▶ [TASK ITEM]: Somewhere below are a line with "0 10303 214" and a later line with "Bounding box: 102 x 63 x 29 mm (x, y, z)". Output exactly those lines and all lines between them.
----------
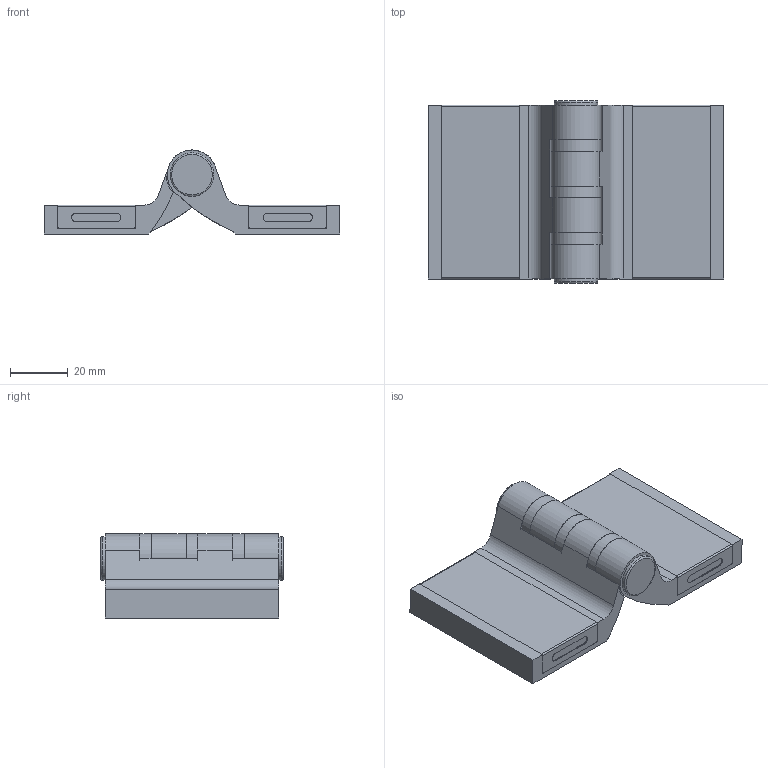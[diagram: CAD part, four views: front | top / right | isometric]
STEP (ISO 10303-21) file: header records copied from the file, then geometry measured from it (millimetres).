
FILE_DESCRIPTION(/* description */ (''),/* implementation_level */ '2;1');
FILE_NAME(/* name */ '\\NAS\db20\H-CV60-102\DR_H-CV60-102.stp',/* time_stamp */ '2017-08-24T11:09:19+09:00',/* author */ ('user'),/* organization */ (''),/* preprocessor_version */ 'ST-DEVELOPER v15.6',/* originating_system */ 'Autodesk Inventor 2015',/* authorisation */ '');
FILE_SCHEMA (('AUTOMOTIVE_DESIGN { 1 0 10303 214 3 1 1 }'));
Length unit declared in the file: millimetre
Products named in the file (5): DR_H-CV60-102-COVER; DR_H-CV60-102-P; DR_H-CV60-102-PIN; DR_H-CV60-102-WASHER; DR_H-CV60-102
Bounding box: 102 x 63 x 29 mm (x, y, z)
Volume: 43603 mm3; surface area: 38426.8 mm2
Topology: 8 solids, 8 shells, 287 faces, 725 edges, 478 vertices
Faces by surface type: plane 188, cylinder 97, torus 2
Full cylindrical faces by diameter (mm): 10 x8, 15 x2, 17 x3
Entity records: 4501 total; most frequent: DIRECTION 779, CARTESIAN_POINT 757, ORIENTED_EDGE 714, EDGE_CURVE 357, AXIS2_PLACEMENT_3D 263, LINE 253, VECTOR 253, VERTEX_POINT 241
----------
▶ [TASK RESPONSE]:
FILE_SCHEMA (('AUTOMOTIVE_DESIGN { 1 0 10303 214 3 1 1 }'));
Length unit declared in the file: millimetre
Products named in the file (5): DR_H-CV60-102-COVER; DR_H-CV60-102-P; DR_H-CV60-102-PIN; DR_H-CV60-102-WASHER; DR_H-CV60-102
Bounding box: 102 x 63 x 29 mm (x, y, z)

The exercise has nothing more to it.